I would keep working on your issues, and do present yourself as best you can to your wife. Remember that blindly giving her anything she asks for can be a turn-off and also may lead her to conclude that life is better like this instead of when you were together. There is a balance between altering behavior and just letting her have full control of everything.

And keep being a great dad to your daughter! That's an easy one.


----------



## handrew

After talking with her tonight, she doesn't really want the divorce. She feels like she has been hurt and is not sure that she can ever get over that. She said "it will be a long and hard road and I can't make any promises of if I will ever have those feeling again". The counselor I saw for my anger issues thinks she feels that way now but will change with some time. Hopefully he is right. I may see about talking with an attorney and see what they have to say. Apparently she spoke with an attorney the other day who told her to go get a court ordered separation. She was on the way to do that when I called. She did not do it and is not planning on it for the near future. I hope we can work through this and get back together. I miss her more than I ever thought I could.


----------



## Mr Blunt

> Her language is acts of service.


You are eager to do your part. So keep doing it, whatever you did wrong, get it right!
*Your words will mean nothing without ACTIONS so use words and actions*.

Do not become a door mat. Do what you have to do that is right but do not be so full of guilt that you compromise so much that you become a person that she cannot respect.

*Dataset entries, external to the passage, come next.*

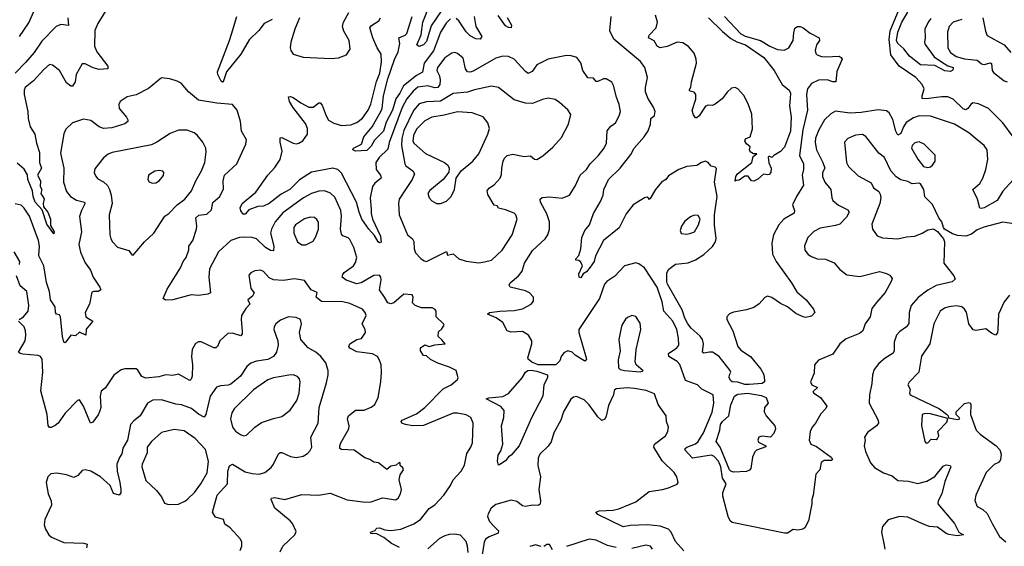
# Model space of a CAD drawing. Extents: x 1771496 to 1971148, y 471553 to 643630.
# Tile 529 of 656: x 1849213 to 1856166, y 618695 to 622413. Entities that reach past the tile are written whole.
import ezdxf

# ---------------------------------------------------------------- set-up
doc = ezdxf.new("R2010")
doc.units = 0

msp = doc.modelspace()

# ---------------------------------------------------------------- linework, layer by layer
at = {"layer": '0CON10XD'}
for points in [[(1849212.8, 622295), (1849278.7, 622391.3), (1849337.7, 622525), (1849435, 622612.5), (1849485, 622634.8), (1849541, 622675), (1849599.1, 622775), (1849606.8, 622805), (1849591.6, 622845), (1849488.4, 622948.4), (1849452.1, 622972.1), (1849418.2, 622985), (1849389.2, 623005), (1849390.3, 623009.7), (1849435, 623006.5), (1849495, 622983.7), (1849575, 622963.5), (1849619.2, 622975), (1849635, 623028), (1849665, 623023.3), (1849687.7, 622997.7)], [(1849821.2, 622478.8), (1849765.6, 622385), (1849744.5, 622335.5), (1849741.2, 622225), (1849757.9, 622185), (1849835.4, 622085), (1849836.5, 622065), (1849775, 622060.9), (1849732.9, 622072.9), (1849675, 622100.5), (1849655, 622100), (1849611.1, 622025), (1849606.3, 621973.7), (1849585.6, 621944.4), (1849575, 621942.5), (1849545, 621968), (1849494.2, 622054.2), (1849445, 622092.5), (1849425, 622096.2), (1849385, 622062), (1849309.8, 621980.2), (1849252.5, 621935), (1849245.7, 621915), (1849245.7, 621884.3), (1849271.1, 621765), (1849272.2, 621715), (1849286.5, 621656.5), (1849319.4, 621605), (1849332, 621542), (1849354.1, 621475), (1849353.8, 621403.8), (1849366.7, 621365), (1849339.4, 621315), (1849360, 621275), (1849358.8, 621235), (1849368.8, 621215), (1849363.3, 621185), (1849387, 621147), (1849380, 621115), (1849382.2, 621092.2), (1849411.4, 621055), (1849430, 621005), (1849430.5, 620960.5), (1849457.1, 620915), (1849455, 620900), (1849405, 620969.4), (1849371.2, 621071.2), (1849322.1, 621125), (1849307.8, 621165), (1849304, 621204), (1849270.4, 621285), (1849267.8, 621317.8), (1849245, 621356.9), (1849195, 621399.2)], [(1852225.1, 622524.9), (1852119.7, 622370.3), (1852085, 622259.4), (1852065, 622234.3), (1852034.4, 622224.4), (1852018, 622235), (1852048.9, 622305), (1852059.3, 622395), (1852109.3, 622520.7)], [(1856229, 621585), (1856155, 621685.7), (1856055.5, 621785), (1855985, 621818.5), (1855943.3, 621825), (1855929.2, 621815), (1855909.2, 621785), (1855895, 621776.9), (1855875, 621784.5), (1855805, 621851.2), (1855767, 621867), (1855725, 621869.3), (1855614.2, 621854.2), (1855586.8, 621856.8), (1855585.4, 621875), (1855600, 621925), (1855586.4, 621955), (1855540.5, 622005), (1855423.6, 622083.6), (1855365.2, 622165), (1855352, 622272), (1855359.1, 622335), (1855434.7, 622515)], [(1849553.3, 622425), (1849557.5, 622372.5), (1849505, 622379.6), (1849471.1, 622365), (1849369.9, 622260.1), (1849315, 622181.1), (1849255, 622109.5), (1849182.4, 622035)], [(1850995.8, 622415), (1850938.6, 622385), (1850902.7, 622337.3), (1850835, 622271.5), (1850775, 622168.8), (1850674.8, 622045.2), (1850651.2, 621975), (1850645, 621970.8), (1850635, 621978.8), (1850611.5, 622025), (1850610.5, 622045), (1850696.1, 622265), (1850708.7, 622311.3), (1850747.6, 622435)], [(1854897.8, 621365), (1854882.3, 621335), (1854883.2, 621305), (1854899.5, 621265), (1854941.2, 621215), (1854947.1, 621155), (1854955.6, 621135.6), (1854995, 621103.1), (1855060.9, 621070.9), (1855070.6, 621055), (1855051.9, 621018.1), (1855005, 620970), (1854975, 620959.5), (1854865, 620940.4), (1854821.8, 620918.2), (1854778.9, 620875), (1854755.9, 620815.9), (1854757.5, 620785), (1854782, 620755), (1854805, 620740.6), (1854845, 620725.6), (1854902.7, 620722.7), (1854965, 620696), (1855005, 620648), (1855055, 620612.5), (1855145, 620600.6), (1855285, 620634.2), (1855335, 620622), (1855358.8, 620608.8), (1855373.3, 620585), (1855368, 620565), (1855323.8, 620486.2), (1855262.7, 620417.3), (1855231.4, 620375), (1855218, 620315), (1855184.3, 620265.7), (1855168, 620215), (1855142.6, 620197.4), (1855050.2, 620159.8), (1855005, 620124), (1854955, 620052), (1854855, 620008.8), (1854826.2, 619975), (1854823, 619917), (1854797.5, 619855), (1854807.5, 619835), (1854846.7, 619815), (1854814, 619785), (1854820, 619775), (1854869.2, 619745), (1854912, 619685), (1854905, 619666.7), (1854870.9, 619629.1), (1854833.8, 619565), (1854808.8, 619535), (1854796.2, 619505), (1854788, 619445), (1854800, 619415), (1854840.3, 619400.3), (1854943.8, 619325), (1854952.5, 619307.5), (1854945, 619301.2), (1854895, 619300.5), (1854873.6, 619286.4), (1854862.9, 619235), (1854836.2, 619205), (1854828.3, 619148.3), (1854816.7, 619055), (1854807.5, 619025), (1854807.5, 618995), (1854782.5, 618875), (1854757.5, 618825), (1854742.5, 618815), (1854708, 618808), (1854675, 618812.5), (1854635, 618787.5), (1854615, 618786.7), (1854243.9, 618863.9), (1854230, 618875), (1854215.9, 618905.9), (1854178.8, 619048.8), (1854178.1, 619075), (1854201.5, 619135), (1854177.2, 619177.2), (1854165, 619257.1), (1854147.8, 619295), (1854115, 619331.1), (1854095, 619337.7), (1853965, 619316.7), (1853910.4, 619375), (1853912.7, 619385), (1853925, 619393.8), (1853985, 619418.7), (1854005.5, 619435), (1854041.8, 619495), (1854102.7, 619642.7), (1854115.6, 619705.6), (1854111.4, 619765), (1854030, 619805), (1854000, 619835), (1853915.8, 619865.8), (1853875, 619978.9), (1853855, 619999.6), (1853796.7, 620035), (1853795.6, 620055), (1853853.9, 620096.1), (1853866.9, 620115), (1853866.2, 620165), (1853854.1, 620225), (1853825, 620285.5), (1853761.2, 620355), (1853750.6, 620420.6), (1853714.6, 620525), (1853625, 620662), (1853585, 620690), (1853565, 620696), (1853485, 620675.7), (1853417, 620603), (1853358.6, 620565), (1853343.5, 620545), (1853327.7, 620505), (1853308.8, 620445), (1853162.7, 620225), (1853162.7, 620205), (1853214.2, 620025), (1853215, 620012.5), (1853205, 620002), (1853135, 620044.5), (1853115, 620064.5), (1853085, 620075.5), (1853055, 620060.6), (1853036.4, 620035), (1853028.5, 620005), (1853000, 619975), (1852875, 619977.3), (1852828.9, 619995), (1852803.8, 620015), (1852801.2, 620025), (1852830.5, 620125), (1852828.9, 620145), (1852807.1, 620185), (1852765, 620212.2), (1852685, 620207.8), (1852656.7, 620215), (1852624, 620275), (1852577.4, 620307.4), (1852517.5, 620335), (1852530, 620345), (1852605, 620355.4), (1852705, 620358.9), (1852765, 620370.6), (1852824, 620405), (1852840.8, 620425), (1852842.5, 620455), (1852814, 620485), (1852785, 620498.9), (1852677.5, 620525), (1852668.8, 620538.8), (1852675.8, 620555), (1852734.6, 620605.4), (1852761.7, 620638.3), (1852778.9, 620695), (1852835, 620784), (1852924.4, 620865.6), (1852942.9, 620895), (1852955.5, 620935), (1852955.4, 620985), (1852935, 621042.5), (1852890.5, 621125), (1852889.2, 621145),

From what you wrote I do not think your wife is wanting a divorce as much as she wants to heal and get things better.


----------



## Omegaa

handrew said:


> After talking with her tonight, she doesn't really want the divorce. She feels like she has been hurt and is not sure that she can ever get over that. She said "it will be a long and hard road and I can't make any promises of if I will ever have those feeling again". .


Hi 

You say, your Wife does earn more and she is the one who "makes all the payments" for the house because you may be earning less. Does she have a say as to how you use your salary? Do you contribute any money towards the household? 

I wouldn't be shocked if she feels she's "having to pay" for everything. 

My oh was very selfish early on in our marriage and I was made to pick up most bills and he lived in my house purchased solely by myself whilst he was busy using what he earned for his own pleasures e.g. expensive hobbies, cars etc.

It took years for him to learn that whatever he earns belong to our marriage as well. I simply accepted his "way" over the years but finally I spoke out in the end.


----------